:: Assignment ::
With the images removed, write out each record exactly as given.

Source records:
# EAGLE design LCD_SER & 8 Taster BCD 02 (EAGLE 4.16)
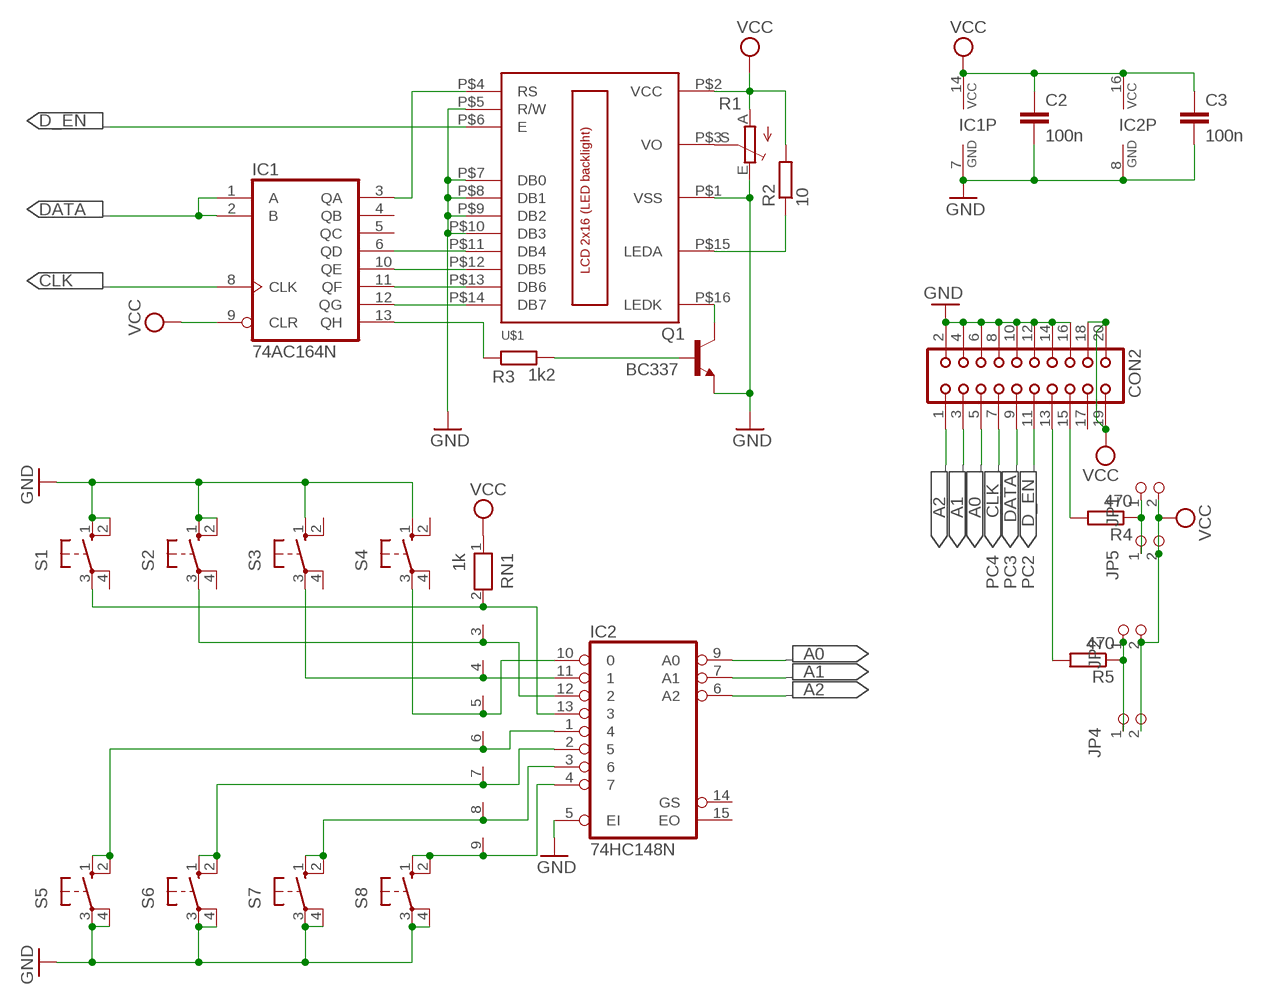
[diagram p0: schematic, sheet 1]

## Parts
C2  100n  C-EU050-025X075  [C050-025X075]
C3  100n  C-EU050-025X075  [C050-025X075]
CON2  CON20  [CON20]
IC1  74AC164N  [DIL14]
IC2  74HC148N  [DIL16]
JP1  PINHD-1X2  [1X02]
JP2  PINHD-1X2  [1X02]
JP4  PINHD-1X2  [1X02]
JP5  PINHD-1X2  [1X02]
Q1  BC337  BC337-16  [TO92]
R1  TRIM_EU-PT10  [PT-10]
R2  10  R-EU_0207/10  [0207/10]
R3  1k2  R-EU_0207/10  [0207/10]
R4  470  R-EU_0207/15  [0207/15]
R5  470  R-EU_0207/15  [0207/15]
RN1  1k  RN08  [RN-9]
S1  10-XX  [B3F-10XX]
S2  10-XX  [B3F-10XX]
S3  10-XX  [B3F-10XX]
S4  10-XX  [B3F-10XX]
S5  10-XX  [B3F-10XX]
S6  10-XX  [B3F-10XX]
S7  10-XX  [B3F-10XX]
S8  10-XX  [B3F-10XX]
U$1  LCD_2X16_PC  [PS-1602-F]

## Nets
A0: CON2.5 IC2.9(A0)
A1: CON2.3 IC2.7(A1)
A2: CON2.1 IC2.6(A2)
CLK: CON2.7 IC1.8(CLK)
D_EN: CON2.11 U$1.P$6(E)
DATA: CON2.9 IC1.1(A) IC1.2(B)
GND: C2.2 C3.2 CON2.2 CON2.4 CON2.6 CON2.8 CON2.10 CON2.12 CON2.14 CON2.16 IC1.7(GND) IC2.5(EI) IC2.8(GND) Q1.1(E) R1.E S1.1(S) S1.2(S1) S2.1(S) S2.2(S1) S3.1(S) S4.1(S) S5.3(P) S5.4(P1) S6.3(P) S6.4(P1) S7.3(P) S7.4(P1) S8.3(P) S8.4(P1) U$1.P$1(VSS) U$1.P$5(R/W) U$1.P$7(DB0) U$1.P$8(DB1) U$1.P$9(DB2) U$1.P$10(DB3)
N$1: IC1.6(QD) U$1.P$11(DB4)
N$2: IC1.10(QE) U$1.P$12(DB5)
N$3: IC1.11(QF) U$1.P$13(DB6)
N$4: IC1.12(QG) U$1.P$14(DB7)
N$5: Q1.3(C) U$1.P$16(LEDK)
N$6: IC1.3(QA) U$1.P$4(RS)
N$7: R2.1 U$1.P$15(LEDA)
N$8: IC1.13(QH) R3.1
N$9: R1.S U$1.P$3(VO)
N$10: Q1.2(B) R3.2
N$12: CON2.15 R4.2
N$14: IC2.13 RN1.2 S1.3(P)
N$15: IC2.12 RN1.3 S2.3(P)
N$16: IC2.10 RN1.5 S4.3(P)
N$17: IC2.4 RN1.9 S8.1(S) S8.2(S1)
N$18: IC2.11 RN1.4 S3.3(P)
N$19: IC2.1 RN1.6 S5.1(S) S5.2(S1)
N$20: IC2.2 RN1.7 S6.1(S) S6.2(S1)
N$21: IC2.3 RN1.8 S7.1(S) S7.2(S1)
N$26: CON2.13 R5.2
N$27: JP2.1 JP4.1 R5.1
N$28: JP1.1 JP5.1 R4.1
VCC: C2.1 C3.1 CON2.18 CON2.19 CON2.20 IC1.9(CLR) IC1.14(VCC) IC2.16(VCC) JP1.2 JP2.2 JP4.2 JP5.2 R1.A R2.2 RN1.1 U$1.P$2(VCC)
Unconnected: CON2.17 IC1.4(QB) IC1.5(QC) IC2.14(GS) IC2.15(EO) S1.4(P1) S2.4(P1) S3.2(S1) S3.4(P1) S4.2(S1) S4.4(P1)

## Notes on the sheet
- A2 | A1 | A0
- PC4 | PC3 | PC2
- A0
- A1
- A2

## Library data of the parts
C2 C3 = rcl:C-EU: CAPACITOR, European symbol
CON2 = con-harting:CON20: CONNECTOR
IC1 = 74xx-eu:74*164: 8-bit parallel out SHIFT REGISTER
IC2 = 74xx-eu:74*148: 10-line to 4-line and 8-line to 3-line PRIORITY ENCODER
JP1 JP2 JP4 JP5 = pinhead 02:PINHD-1X2: PIN HEADER
Q1 = transistor-npn:BC337*: NPN Transistor
R1 = pot:TRIM_EU-: POTENTIOMETER
R2-R5 = rcl:R-EU_: RESISTOR, European symbol
RN1 = resistor-net:RN08: RESISTOR NETWORK
S1-S8 = switch-omron:10-XX: OMRON SWITCH
U$1 = lcd_2x16_led_backlight:LCD_2X16_PC

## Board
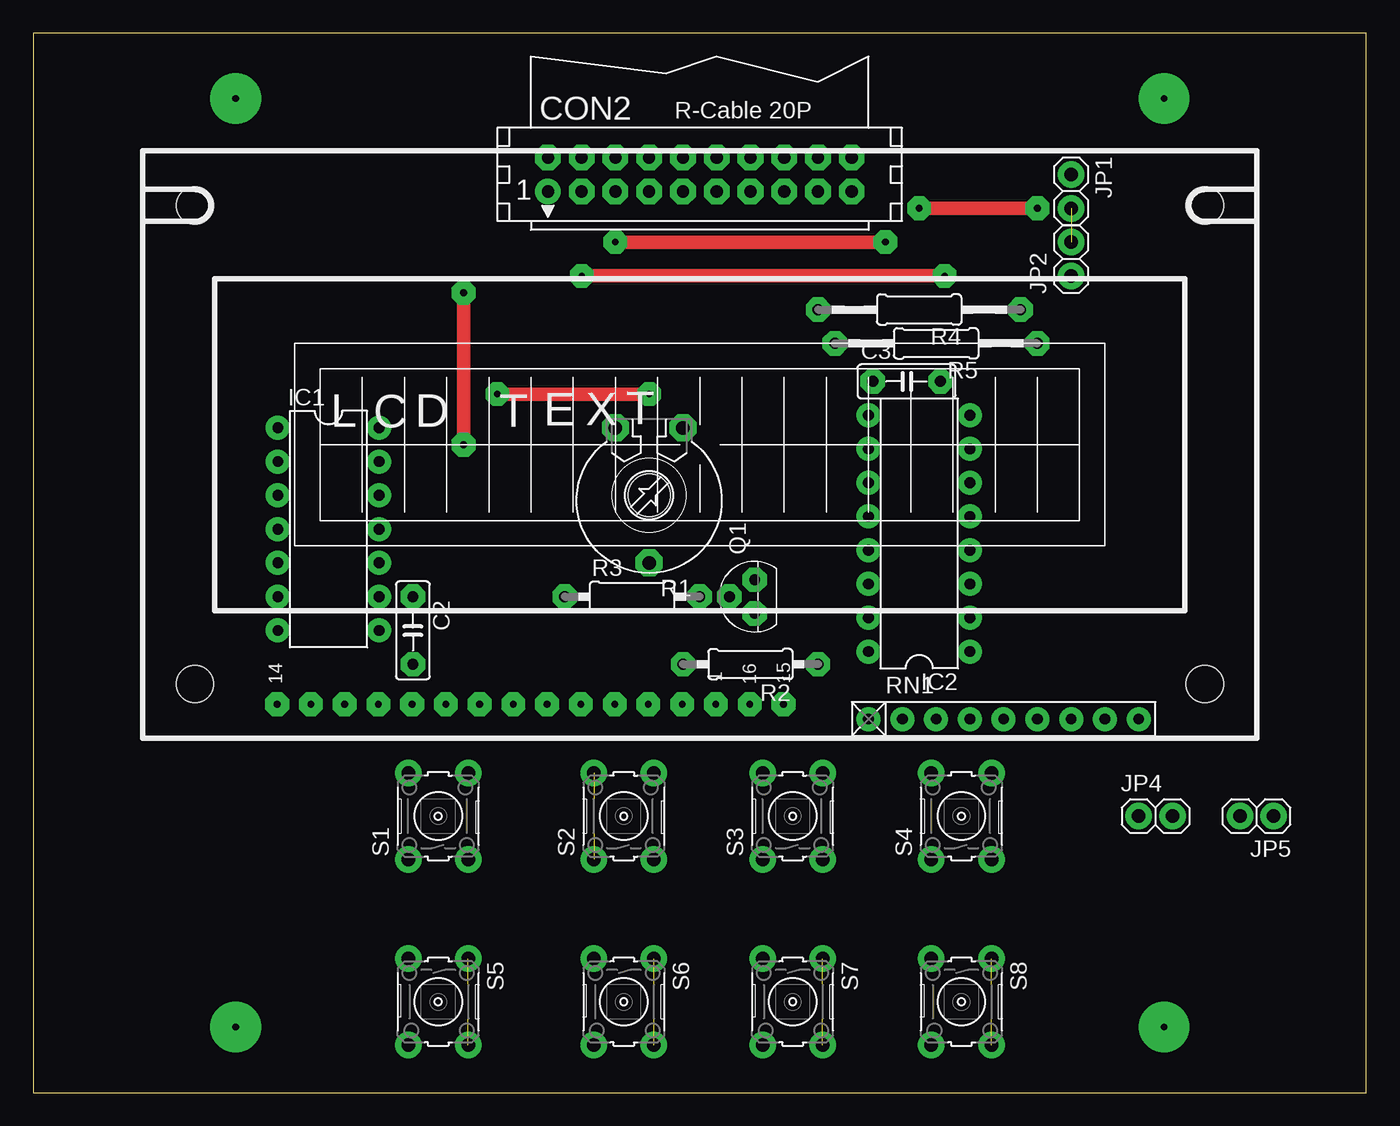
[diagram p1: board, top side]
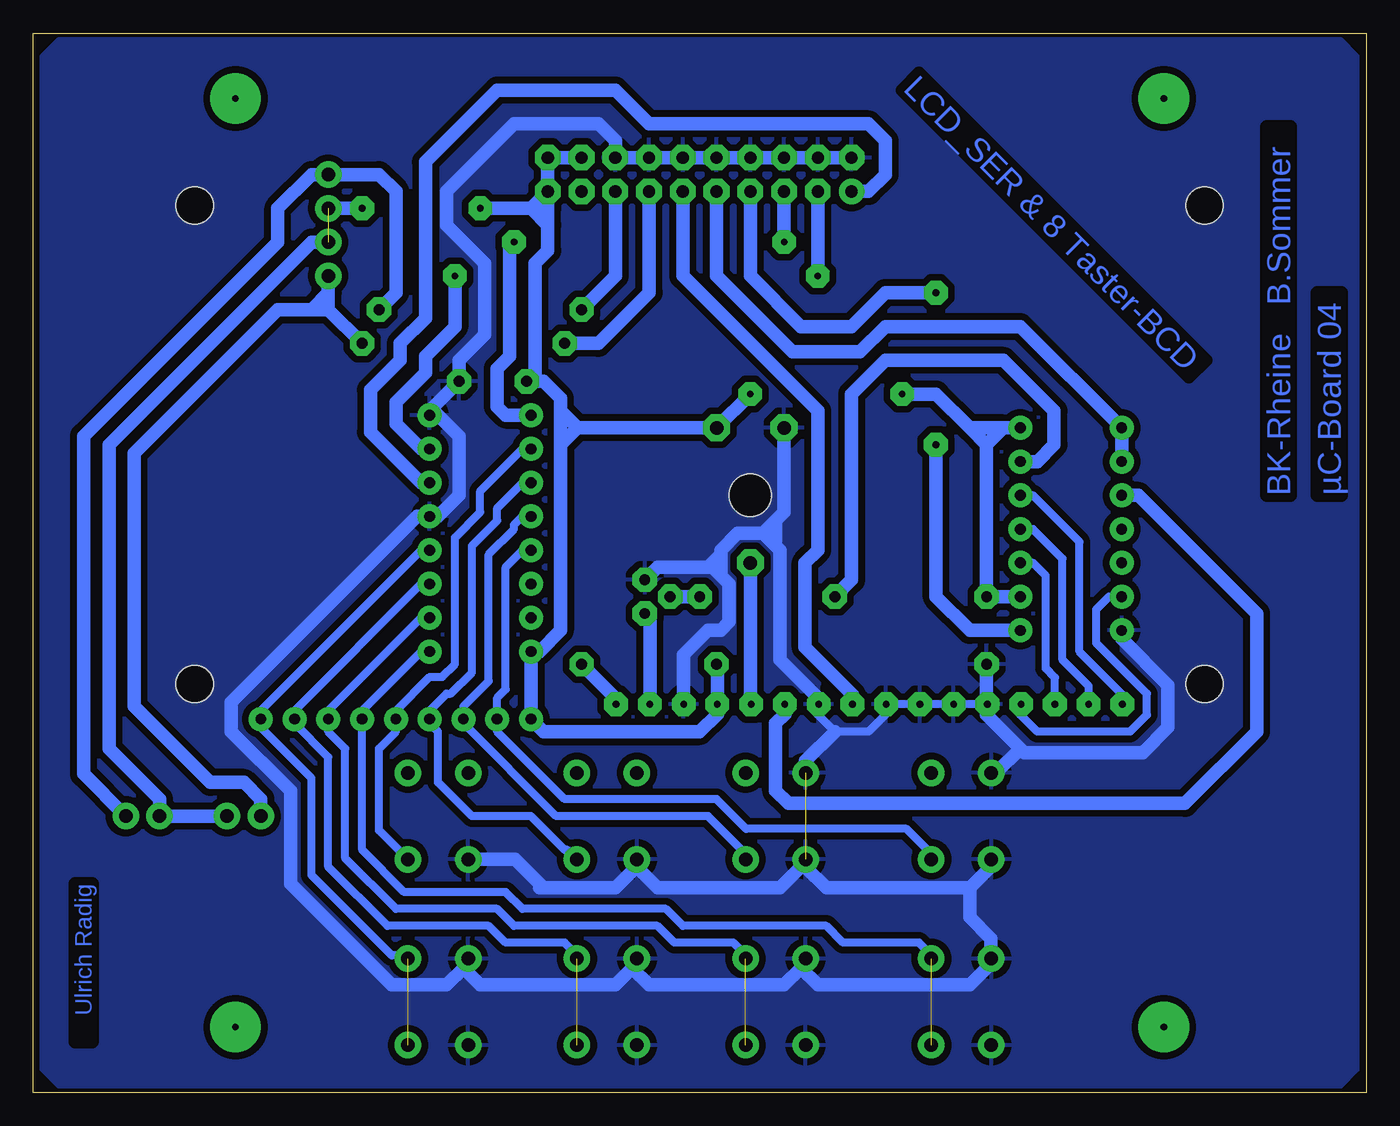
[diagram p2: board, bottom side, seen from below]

Size 100.31 x 79.68 mm. Coordinates in mm from the lower left corner, seen from the top.
Outline: 0,0 100.31,0 100.31,79.68 0,79.68 0,0
Copper layers (1*16): Top 0.035mm / dielectric 1.5mm / Bottom 0.035mm
Design rules "sommer_02_Ätzen": minimum track width 24mil, minimum drill 0.5mm, track to track 20mil, track to pad 24mil, pad to pad 20mil, via to via 20mil, smd to smd 8mil, copper to edge 0mil, drill to drill 8mil, minimum pad ring 20mil, minimum via ring 20mil, stop-mask expansion 4mil, vias tented up to drill 0mil, thermal gap 20mil
Holes 3.2 mm at 46.35,44.92

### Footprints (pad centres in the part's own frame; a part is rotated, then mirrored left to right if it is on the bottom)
C050-025X075 = drill 0.813 octagon: 1 -2.54,0; 2 2.54,0
CON20 = drill 0.914 round: 1 -11.43,-1.27 | drill 0.914 octagon: 2 -11.43,1.27; 3 -8.89,-1.27; 4 -8.89,1.27; 5 -6.35,-1.27; 6 -6.35,1.27; 7 -3.81,-1.27; 8 -3.81,1.27; 9 -1.27,-1.27; 10 -1.27,1.27; 11 1.27,-1.27; 12 1.27,1.27; 13 3.81,-1.27; 14 3.81,1.27; 15 6.35,-1.27; 16 6.35,1.27; 17 8.89,-1.27; 18 8.89,1.27; 19 11.43,-1.27; 20 11.43,1.27
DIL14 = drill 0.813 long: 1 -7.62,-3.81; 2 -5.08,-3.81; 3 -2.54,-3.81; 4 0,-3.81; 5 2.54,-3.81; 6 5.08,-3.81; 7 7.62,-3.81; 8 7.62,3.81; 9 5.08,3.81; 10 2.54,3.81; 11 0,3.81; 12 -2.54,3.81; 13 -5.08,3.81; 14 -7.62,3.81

:: Solved exercise ::
# EAGLE design LCD_SER & 8 Taster BCD 02 (EAGLE 4.16)
[diagram p0: schematic, sheet 1]

## Parts
C2  100n  C-EU050-025X075  [C050-025X075]
C3  100n  C-EU050-025X075  [C050-025X075]
CON2  CON20  [CON20]
IC1  74AC164N  [DIL14]
IC2  74HC148N  [DIL16]
JP1  PINHD-1X2  [1X02]
JP2  PINHD-1X2  [1X02]
JP4  PINHD-1X2  [1X02]
JP5  PINHD-1X2  [1X02]
Q1  BC337  BC337-16  [TO92]
R1  TRIM_EU-PT10  [PT-10]
R2  10  R-EU_0207/10  [0207/10]
R3  1k2  R-EU_0207/10  [0207/10]
R4  470  R-EU_0207/15  [0207/15]
R5  470  R-EU_0207/15  [0207/15]
RN1  1k  RN08  [RN-9]
S1  10-XX  [B3F-10XX]
S2  10-XX  [B3F-10XX]
S3  10-XX  [B3F-10XX]
S4  10-XX  [B3F-10XX]
S5  10-XX  [B3F-10XX]
S6  10-XX  [B3F-10XX]
S7  10-XX  [B3F-10XX]
S8  10-XX  [B3F-10XX]
U$1  LCD_2X16_PC  [PS-1602-F]

## Nets
A0: CON2.5 IC2.9(A0)
A1: CON2.3 IC2.7(A1)
A2: CON2.1 IC2.6(A2)
CLK: CON2.7 IC1.8(CLK)
D_EN: CON2.11 U$1.P$6(E)
DATA: CON2.9 IC1.1(A) IC1.2(B)
GND: C2.2 C3.2 CON2.2 CON2.4 CON2.6 CON2.8 CON2.10 CON2.12 CON2.14 CON2.16 IC1.7(GND) IC2.5(EI) IC2.8(GND) Q1.1(E) R1.E S1.1(S) S1.2(S1) S2.1(S) S2.2(S1) S3.1(S) S4.1(S) S5.3(P) S5.4(P1) S6.3(P) S6.4(P1) S7.3(P) S7.4(P1) S8.3(P) S8.4(P1) U$1.P$1(VSS) U$1.P$5(R/W) U$1.P$7(DB0) U$1.P$8(DB1) U$1.P$9(DB2) U$1.P$10(DB3)
N$1: IC1.6(QD) U$1.P$11(DB4)
N$2: IC1.10(QE) U$1.P$12(DB5)
N$3: IC1.11(QF) U$1.P$13(DB6)
N$4: IC1.12(QG) U$1.P$14(DB7)
N$5: Q1.3(C) U$1.P$16(LEDK)
N$6: IC1.3(QA) U$1.P$4(RS)
N$7: R2.1 U$1.P$15(LEDA)
N$8: IC1.13(QH) R3.1
N$9: R1.S U$1.P$3(VO)
N$10: Q1.2(B) R3.2
N$12: CON2.15 R4.2
N$14: IC2.13 RN1.2 S1.3(P)
N$15: IC2.12 RN1.3 S2.3(P)
N$16: IC2.10 RN1.5 S4.3(P)
N$17: IC2.4 RN1.9 S8.1(S) S8.2(S1)
N$18: IC2.11 RN1.4 S3.3(P)
N$19: IC2.1 RN1.6 S5.1(S) S5.2(S1)
N$20: IC2.2 RN1.7 S6.1(S) S6.2(S1)
N$21: IC2.3 RN1.8 S7.1(S) S7.2(S1)
N$26: CON2.13 R5.2
N$27: JP2.1 JP4.1 R5.1
N$28: JP1.1 JP5.1 R4.1
VCC: C2.1 C3.1 CON2.18 CON2.19 CON2.20 IC1.9(CLR) IC1.14(VCC) IC2.16(VCC) JP1.2 JP2.2 JP4.2 JP5.2 R1.A R2.2 RN1.1 U$1.P$2(VCC)
Unconnected: CON2.17 IC1.4(QB) IC1.5(QC) IC2.14(GS) IC2.15(EO) S1.4(P1) S2.4(P1) S3.2(S1) S3.4(P1) S4.2(S1) S4.4(P1)

## Notes on the sheet
- A2 | A1 | A0
- PC4 | PC3 | PC2
- A0
- A1
- A2

## Library data of the parts
C2 C3 = rcl:C-EU: CAPACITOR, European symbol
CON2 = con-harting:CON20: CONNECTOR
IC1 = 74xx-eu:74*164: 8-bit parallel out SHIFT REGISTER
IC2 = 74xx-eu:74*148: 10-line to 4-line and 8-line to 3-line PRIORITY ENCODER
JP1 JP2 JP4 JP5 = pinhead 02:PINHD-1X2: PIN HEADER
Q1 = transistor-npn:BC337*: NPN Transistor
R1 = pot:TRIM_EU-: POTENTIOMETER
R2-R5 = rcl:R-EU_: RESISTOR, European symbol
RN1 = resistor-net:RN08: RESISTOR NETWORK
S1-S8 = switch-omron:10-XX: OMRON SWITCH
U$1 = lcd_2x16_led_backlight:LCD_2X16_PC

## Board
[diagram p1: board, top side]
[diagram p2: board, bottom side, seen from below]

Size 100.31 x 79.68 mm. Coordinates in mm from the lower left corner, seen from the top.
Outline: 0,0 100.31,0 100.31,79.68 0,79.68 0,0
Copper layers (1*16): Top 0.035mm / dielectric 1.5mm / Bottom 0.035mm
Design rules "sommer_02_Ätzen": minimum track width 24mil, minimum drill 0.5mm, track to track 20mil, track to pad 24mil, pad to pad 20mil, via to via 20mil, smd to smd 8mil, copper to edge 0mil, drill to drill 8mil, minimum pad ring 20mil, minimum via ring 20mil, stop-mask expansion 4mil, vias tented up to drill 0mil, thermal gap 20mil
Holes 3.2 mm at 46.35,44.92

### Footprints (pad centres in the part's own frame; a part is rotated, then mirrored left to right if it is on the bottom)
C050-025X075 = drill 0.813 octagon: 1 -2.54,0; 2 2.54,0
CON20 = drill 0.914 round: 1 -11.43,-1.27 | drill 0.914 octagon: 2 -11.43,1.27; 3 -8.89,-1.27; 4 -8.89,1.27; 5 -6.35,-1.27; 6 -6.35,1.27; 7 -3.81,-1.27; 8 -3.81,1.27; 9 -1.27,-1.27; 10 -1.27,1.27; 11 1.27,-1.27; 12 1.27,1.27; 13 3.81,-1.27; 14 3.81,1.27; 15 6.35,-1.27; 16 6.35,1.27; 17 8.89,-1.27; 18 8.89,1.27; 19 11.43,-1.27; 20 11.43,1.27
DIL14 = drill 0.813 long: 1 -7.62,-3.81; 2 -5.08,-3.81; 3 -2.54,-3.81; 4 0,-3.81; 5 2.54,-3.81; 6 5.08,-3.81; 7 7.62,-3.81; 8 7.62,3.81; 9 5.08,3.81; 10 2.54,3.81; 11 0,3.81; 12 -2.54,3.81; 13 -5.08,3.81; 14 -7.62,3.81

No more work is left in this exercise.